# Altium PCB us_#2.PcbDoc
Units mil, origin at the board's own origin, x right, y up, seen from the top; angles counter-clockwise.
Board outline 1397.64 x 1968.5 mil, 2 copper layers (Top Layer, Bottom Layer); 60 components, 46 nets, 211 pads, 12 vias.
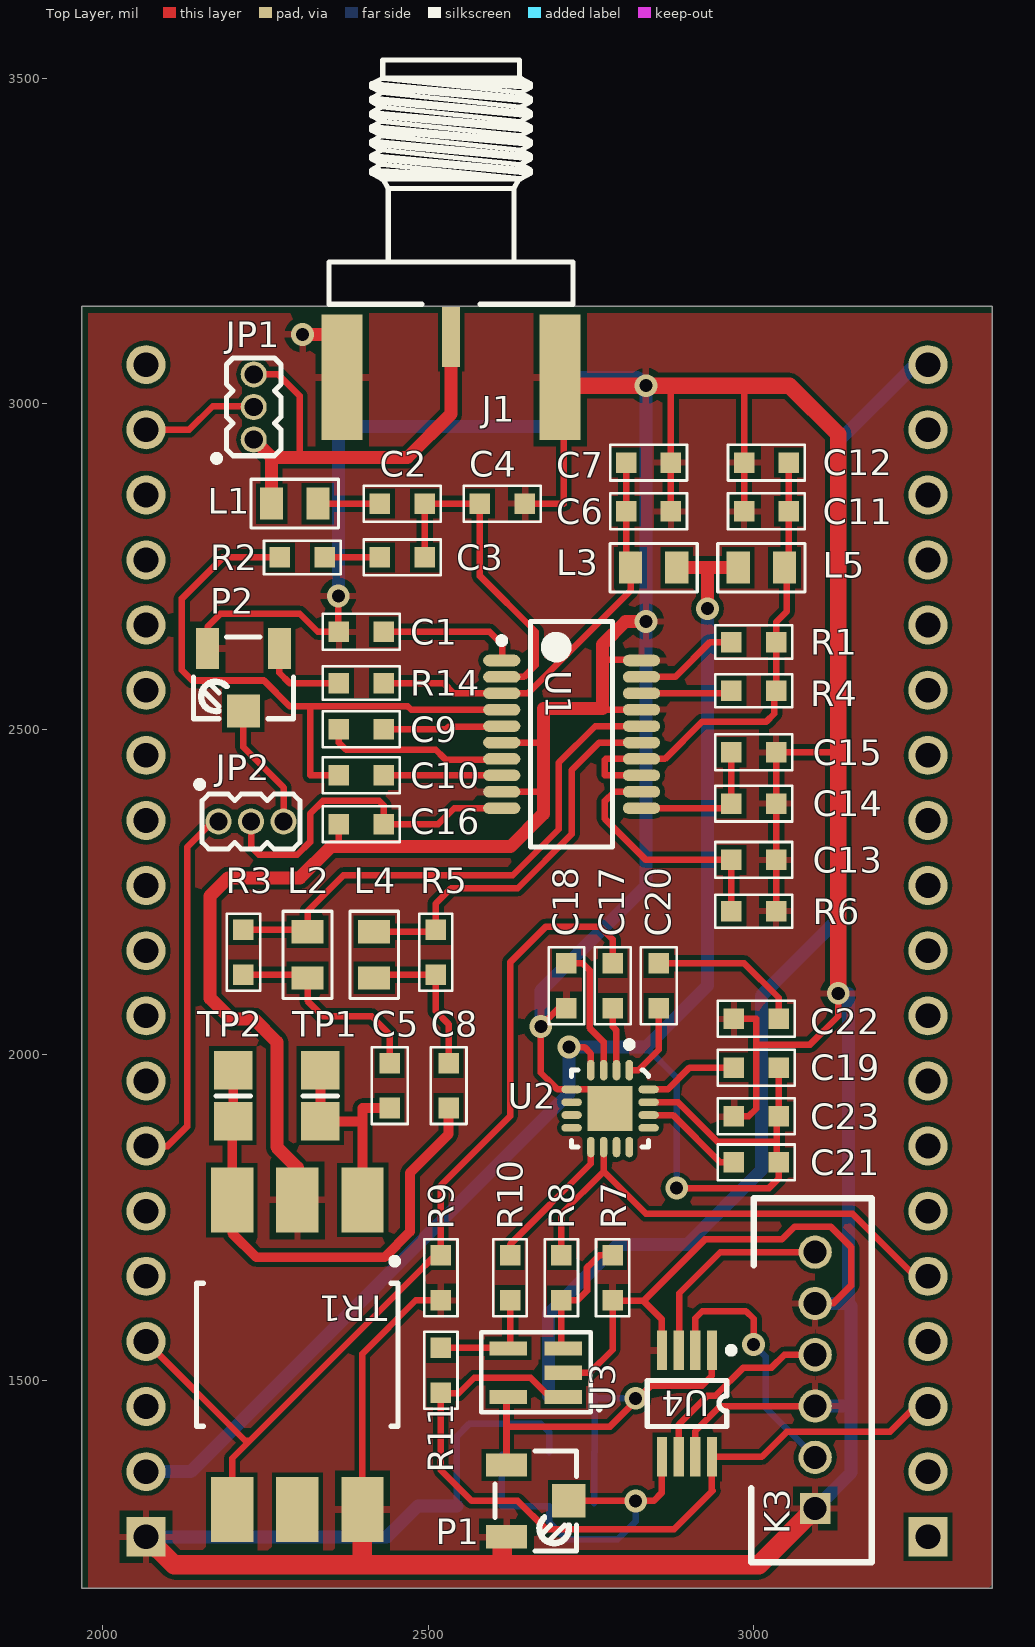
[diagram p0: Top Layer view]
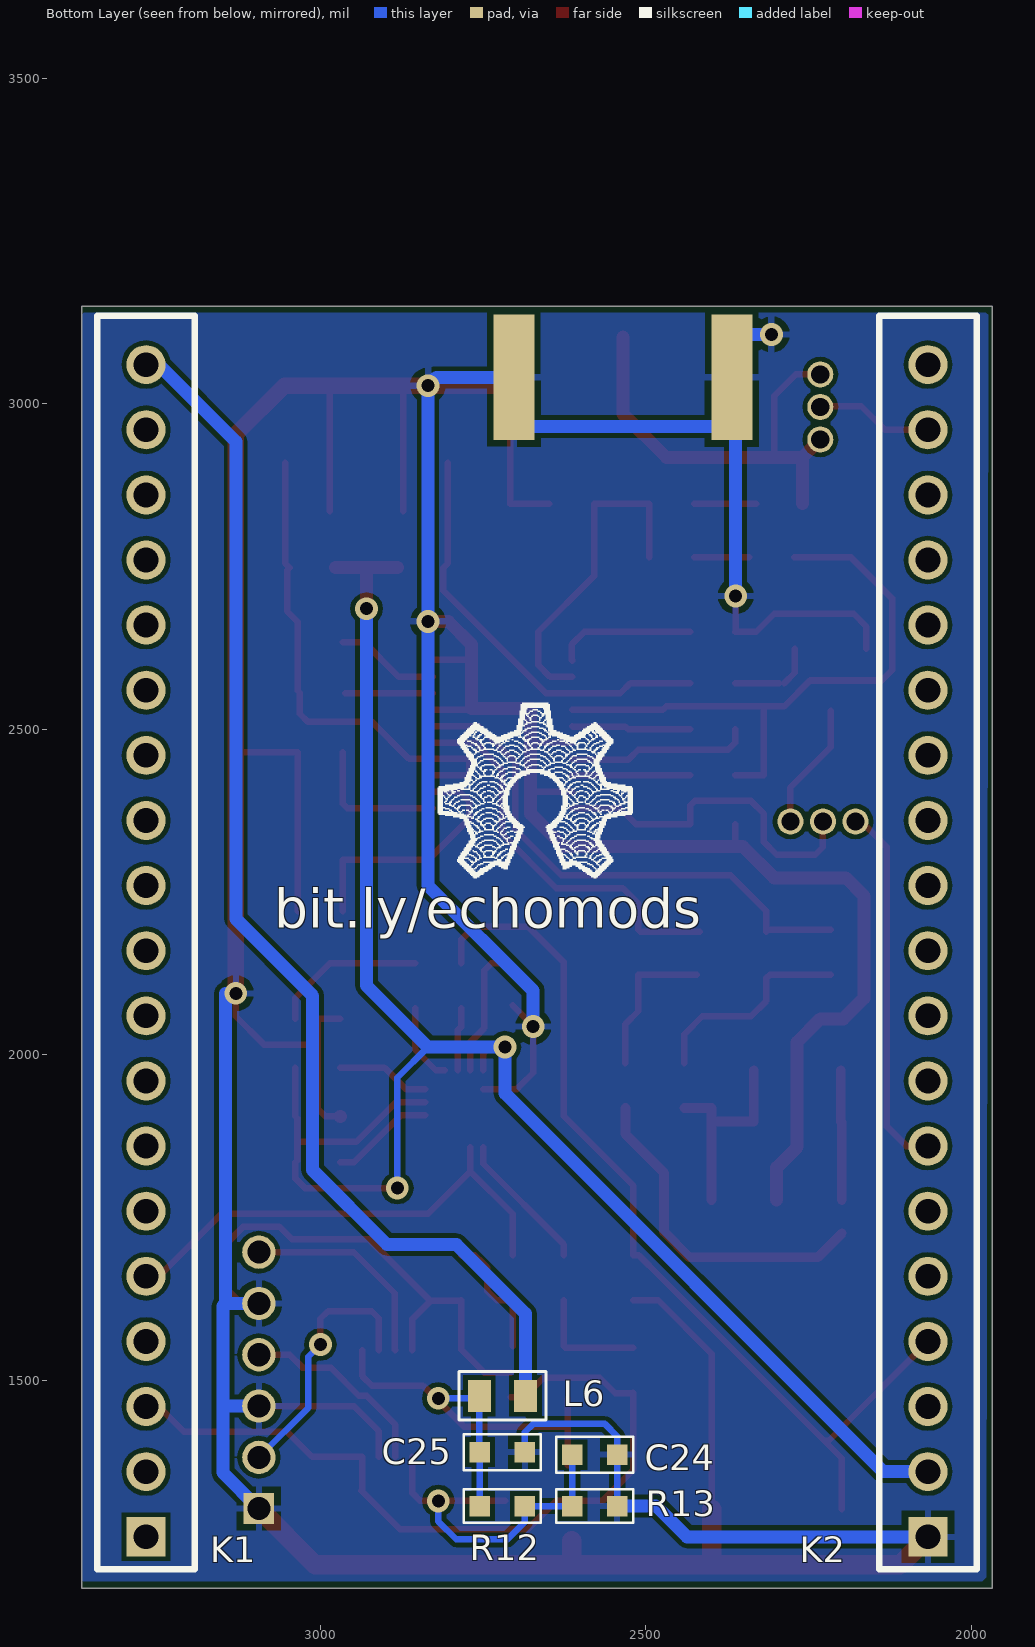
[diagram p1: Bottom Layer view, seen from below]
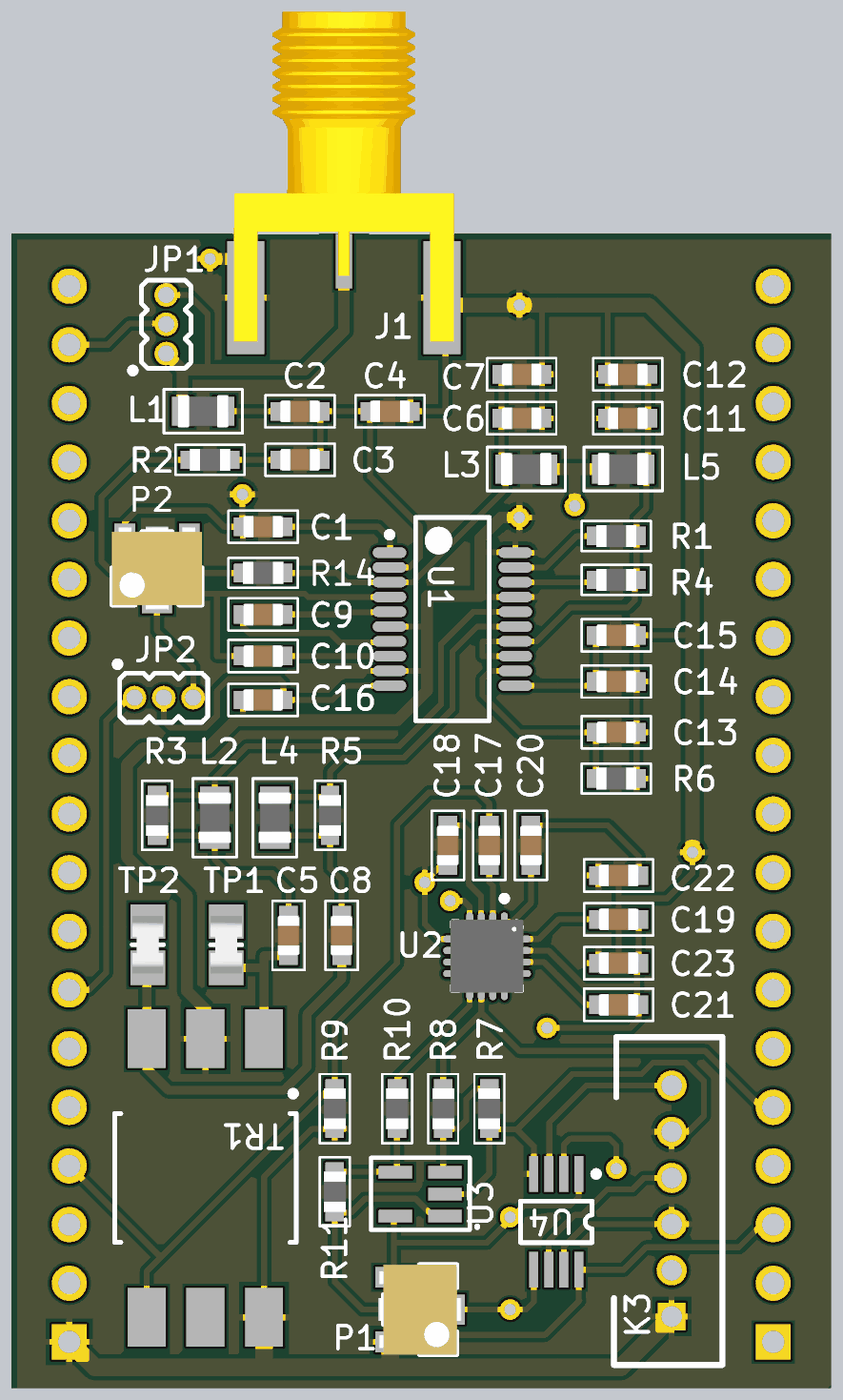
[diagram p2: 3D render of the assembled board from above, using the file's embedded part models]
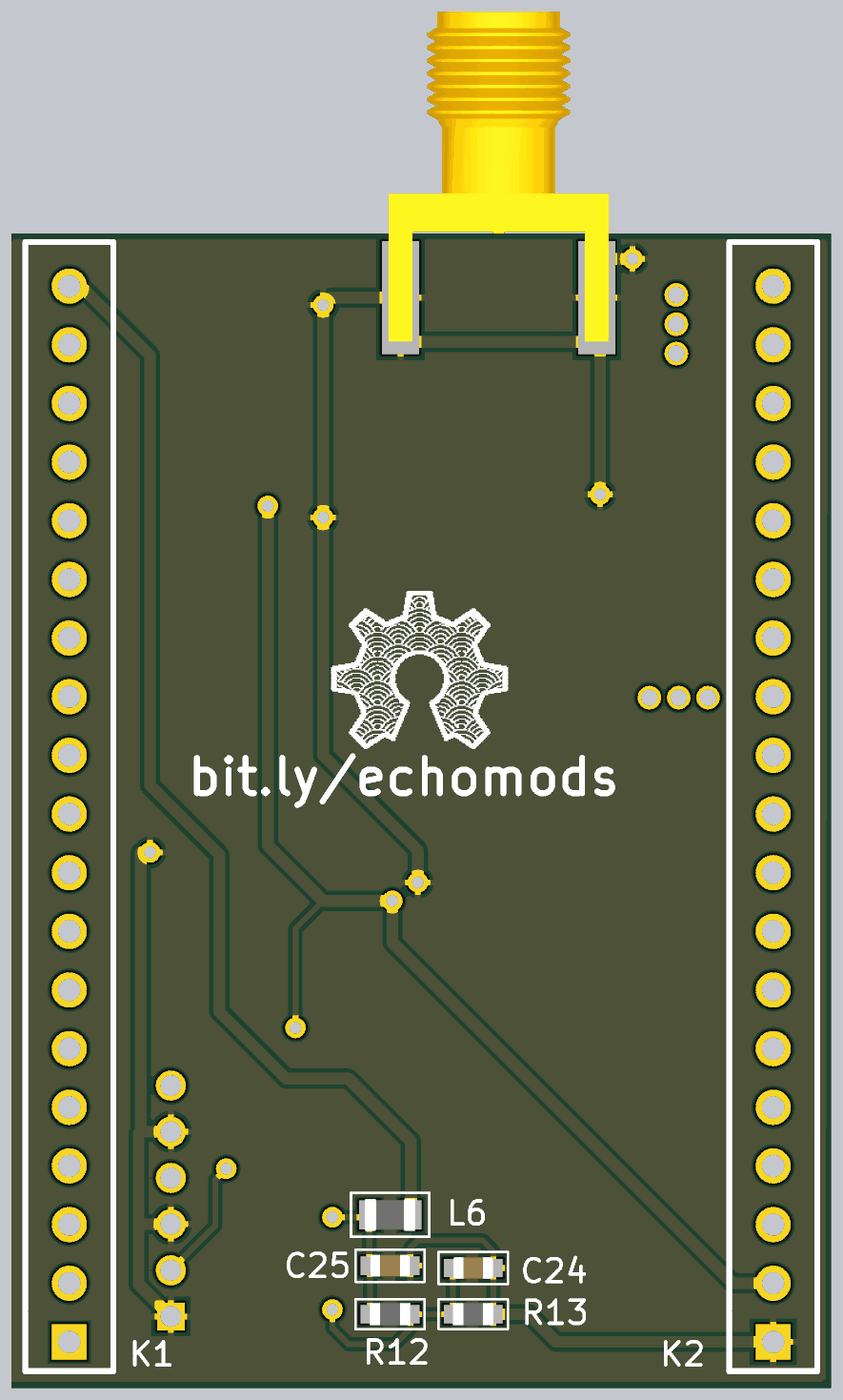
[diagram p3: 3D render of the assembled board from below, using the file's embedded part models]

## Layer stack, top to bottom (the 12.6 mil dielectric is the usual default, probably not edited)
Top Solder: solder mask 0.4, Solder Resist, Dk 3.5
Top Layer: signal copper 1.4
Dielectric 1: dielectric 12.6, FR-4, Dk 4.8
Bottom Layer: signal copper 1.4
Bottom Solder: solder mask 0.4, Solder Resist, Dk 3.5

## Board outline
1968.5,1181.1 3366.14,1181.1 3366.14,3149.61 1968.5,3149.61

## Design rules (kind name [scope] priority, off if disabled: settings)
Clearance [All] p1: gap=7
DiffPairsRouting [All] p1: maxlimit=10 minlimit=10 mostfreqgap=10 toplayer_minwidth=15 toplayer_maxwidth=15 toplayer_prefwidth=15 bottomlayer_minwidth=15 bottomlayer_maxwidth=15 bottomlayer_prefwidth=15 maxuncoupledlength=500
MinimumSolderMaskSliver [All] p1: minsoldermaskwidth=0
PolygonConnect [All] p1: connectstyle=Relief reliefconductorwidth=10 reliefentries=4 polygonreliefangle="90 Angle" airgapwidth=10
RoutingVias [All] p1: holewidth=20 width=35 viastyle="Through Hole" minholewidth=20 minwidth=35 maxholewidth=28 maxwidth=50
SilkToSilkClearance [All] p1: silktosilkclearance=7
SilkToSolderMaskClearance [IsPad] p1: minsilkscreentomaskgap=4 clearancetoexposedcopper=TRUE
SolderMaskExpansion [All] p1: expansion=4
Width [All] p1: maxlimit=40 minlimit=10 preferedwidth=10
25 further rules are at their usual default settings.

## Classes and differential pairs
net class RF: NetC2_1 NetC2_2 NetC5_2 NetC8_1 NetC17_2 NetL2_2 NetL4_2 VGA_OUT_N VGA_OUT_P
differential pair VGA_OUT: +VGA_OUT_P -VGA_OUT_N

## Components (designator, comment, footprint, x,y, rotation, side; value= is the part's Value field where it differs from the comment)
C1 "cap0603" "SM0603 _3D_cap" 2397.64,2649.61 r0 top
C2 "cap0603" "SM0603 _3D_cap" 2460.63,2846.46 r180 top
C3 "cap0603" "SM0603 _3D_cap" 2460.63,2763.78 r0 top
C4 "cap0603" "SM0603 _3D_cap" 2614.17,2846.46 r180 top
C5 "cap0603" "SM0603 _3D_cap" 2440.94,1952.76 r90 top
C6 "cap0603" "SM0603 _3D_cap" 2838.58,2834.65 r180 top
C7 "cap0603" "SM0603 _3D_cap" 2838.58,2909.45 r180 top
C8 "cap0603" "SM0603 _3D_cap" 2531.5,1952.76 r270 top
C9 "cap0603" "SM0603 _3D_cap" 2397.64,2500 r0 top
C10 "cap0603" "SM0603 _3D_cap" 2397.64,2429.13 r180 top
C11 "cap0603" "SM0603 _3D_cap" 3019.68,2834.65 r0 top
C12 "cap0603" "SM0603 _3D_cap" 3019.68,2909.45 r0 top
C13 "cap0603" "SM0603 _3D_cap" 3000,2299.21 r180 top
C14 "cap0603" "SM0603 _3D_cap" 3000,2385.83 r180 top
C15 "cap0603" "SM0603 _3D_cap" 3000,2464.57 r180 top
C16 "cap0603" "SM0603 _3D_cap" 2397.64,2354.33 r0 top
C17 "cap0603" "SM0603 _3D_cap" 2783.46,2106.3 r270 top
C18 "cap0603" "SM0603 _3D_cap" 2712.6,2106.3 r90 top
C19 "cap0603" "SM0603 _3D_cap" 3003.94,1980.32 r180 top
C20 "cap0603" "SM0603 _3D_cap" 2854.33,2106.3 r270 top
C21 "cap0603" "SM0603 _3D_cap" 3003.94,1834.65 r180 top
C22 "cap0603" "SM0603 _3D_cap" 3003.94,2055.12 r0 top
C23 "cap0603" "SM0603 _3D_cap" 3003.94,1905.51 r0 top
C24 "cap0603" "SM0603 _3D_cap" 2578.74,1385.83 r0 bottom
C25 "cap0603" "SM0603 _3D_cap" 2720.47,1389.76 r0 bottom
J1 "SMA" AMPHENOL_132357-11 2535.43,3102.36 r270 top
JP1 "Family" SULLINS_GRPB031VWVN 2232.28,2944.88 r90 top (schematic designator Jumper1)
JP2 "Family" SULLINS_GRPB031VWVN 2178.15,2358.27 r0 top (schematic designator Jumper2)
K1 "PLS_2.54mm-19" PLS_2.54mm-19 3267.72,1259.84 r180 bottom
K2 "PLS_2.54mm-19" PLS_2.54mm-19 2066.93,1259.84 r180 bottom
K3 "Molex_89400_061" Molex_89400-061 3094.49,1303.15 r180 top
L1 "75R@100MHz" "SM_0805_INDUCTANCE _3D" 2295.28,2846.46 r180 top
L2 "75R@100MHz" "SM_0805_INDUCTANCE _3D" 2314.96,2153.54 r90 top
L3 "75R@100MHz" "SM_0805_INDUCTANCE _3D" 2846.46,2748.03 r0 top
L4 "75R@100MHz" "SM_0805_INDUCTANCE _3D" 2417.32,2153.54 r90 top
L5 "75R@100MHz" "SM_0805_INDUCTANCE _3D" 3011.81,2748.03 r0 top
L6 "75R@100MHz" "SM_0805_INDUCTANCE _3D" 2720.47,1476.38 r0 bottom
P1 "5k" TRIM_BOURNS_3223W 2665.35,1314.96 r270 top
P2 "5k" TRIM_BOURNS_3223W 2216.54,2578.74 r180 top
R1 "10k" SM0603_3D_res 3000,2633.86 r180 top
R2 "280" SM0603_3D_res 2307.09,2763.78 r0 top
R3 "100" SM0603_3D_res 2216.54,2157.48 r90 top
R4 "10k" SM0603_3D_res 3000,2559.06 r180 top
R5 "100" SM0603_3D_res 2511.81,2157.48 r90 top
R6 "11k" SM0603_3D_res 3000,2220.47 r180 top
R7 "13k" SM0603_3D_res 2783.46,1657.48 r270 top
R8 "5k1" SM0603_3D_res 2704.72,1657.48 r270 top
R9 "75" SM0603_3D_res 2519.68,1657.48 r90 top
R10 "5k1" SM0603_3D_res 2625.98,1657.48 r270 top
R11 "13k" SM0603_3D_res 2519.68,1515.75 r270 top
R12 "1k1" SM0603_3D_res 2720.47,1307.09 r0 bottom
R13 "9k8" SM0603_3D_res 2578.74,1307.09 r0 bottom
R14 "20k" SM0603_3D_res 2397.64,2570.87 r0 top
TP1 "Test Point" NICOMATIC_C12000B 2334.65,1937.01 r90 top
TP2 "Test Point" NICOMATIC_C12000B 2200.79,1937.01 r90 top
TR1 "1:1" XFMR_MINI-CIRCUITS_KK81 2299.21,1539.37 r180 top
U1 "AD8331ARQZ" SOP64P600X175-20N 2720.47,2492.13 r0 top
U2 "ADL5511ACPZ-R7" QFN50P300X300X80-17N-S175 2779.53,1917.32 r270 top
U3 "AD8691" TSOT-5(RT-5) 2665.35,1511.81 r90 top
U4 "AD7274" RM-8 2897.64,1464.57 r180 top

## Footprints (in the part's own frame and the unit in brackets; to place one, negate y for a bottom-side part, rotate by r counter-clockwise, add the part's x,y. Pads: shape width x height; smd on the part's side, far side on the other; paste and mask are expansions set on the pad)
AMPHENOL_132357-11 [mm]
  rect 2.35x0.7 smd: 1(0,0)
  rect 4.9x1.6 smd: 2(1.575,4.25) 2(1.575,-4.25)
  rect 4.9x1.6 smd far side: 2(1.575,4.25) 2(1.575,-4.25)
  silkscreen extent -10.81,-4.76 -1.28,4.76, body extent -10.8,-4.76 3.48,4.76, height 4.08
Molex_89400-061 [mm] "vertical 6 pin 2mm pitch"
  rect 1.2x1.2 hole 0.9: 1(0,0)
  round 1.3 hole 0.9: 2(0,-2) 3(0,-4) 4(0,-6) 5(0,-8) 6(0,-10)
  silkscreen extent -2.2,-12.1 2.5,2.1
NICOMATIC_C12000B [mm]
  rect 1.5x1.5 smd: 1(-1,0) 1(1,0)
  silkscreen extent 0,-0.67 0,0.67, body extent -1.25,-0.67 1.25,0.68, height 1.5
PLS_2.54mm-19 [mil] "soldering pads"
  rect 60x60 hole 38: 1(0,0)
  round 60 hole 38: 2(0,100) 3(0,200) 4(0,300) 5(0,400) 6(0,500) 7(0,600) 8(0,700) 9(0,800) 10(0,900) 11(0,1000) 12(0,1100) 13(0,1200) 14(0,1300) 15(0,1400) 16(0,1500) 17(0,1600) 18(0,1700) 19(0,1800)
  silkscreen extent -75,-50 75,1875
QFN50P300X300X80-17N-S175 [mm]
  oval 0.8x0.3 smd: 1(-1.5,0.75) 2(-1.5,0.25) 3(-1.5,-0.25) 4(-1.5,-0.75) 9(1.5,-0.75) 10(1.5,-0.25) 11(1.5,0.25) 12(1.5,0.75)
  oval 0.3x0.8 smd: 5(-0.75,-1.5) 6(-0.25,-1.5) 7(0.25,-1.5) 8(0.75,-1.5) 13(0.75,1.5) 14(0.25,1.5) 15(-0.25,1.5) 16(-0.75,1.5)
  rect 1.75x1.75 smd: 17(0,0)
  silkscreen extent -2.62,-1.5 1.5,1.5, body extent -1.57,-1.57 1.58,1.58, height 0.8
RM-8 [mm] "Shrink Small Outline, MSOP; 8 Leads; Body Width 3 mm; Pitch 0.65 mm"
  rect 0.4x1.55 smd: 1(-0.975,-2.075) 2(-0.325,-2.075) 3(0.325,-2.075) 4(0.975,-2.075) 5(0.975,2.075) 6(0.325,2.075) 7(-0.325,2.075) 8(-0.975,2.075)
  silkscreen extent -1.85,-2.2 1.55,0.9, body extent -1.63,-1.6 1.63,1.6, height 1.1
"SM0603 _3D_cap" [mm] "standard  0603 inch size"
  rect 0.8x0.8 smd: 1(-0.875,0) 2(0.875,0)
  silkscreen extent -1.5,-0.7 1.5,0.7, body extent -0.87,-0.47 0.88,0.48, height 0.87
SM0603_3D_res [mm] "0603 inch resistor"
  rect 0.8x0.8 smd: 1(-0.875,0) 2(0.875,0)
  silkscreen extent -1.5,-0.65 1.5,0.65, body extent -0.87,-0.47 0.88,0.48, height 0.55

▶ [WHAT IS BEING ASKED] Retype exactly the span of lines from the one with "## Board outline" through the one with "MinimumSolderMaskSliver [All] p1: minsoldermaskwidth=0"; include both ends and omit the rest of the material.

▶ [RESPONSE TO THE TASK]
## Board outline
1968.5,1181.1 3366.14,1181.1 3366.14,3149.61 1968.5,3149.61

## Design rules (kind name [scope] priority, off if disabled: settings)
Clearance [All] p1: gap=7
DiffPairsRouting [All] p1: maxlimit=10 minlimit=10 mostfreqgap=10 toplayer_minwidth=15 toplayer_maxwidth=15 toplayer_prefwidth=15 bottomlayer_minwidth=15 bottomlayer_maxwidth=15 bottomlayer_prefwidth=15 maxuncoupledlength=500
MinimumSolderMaskSliver [All] p1: minsoldermaskwidth=0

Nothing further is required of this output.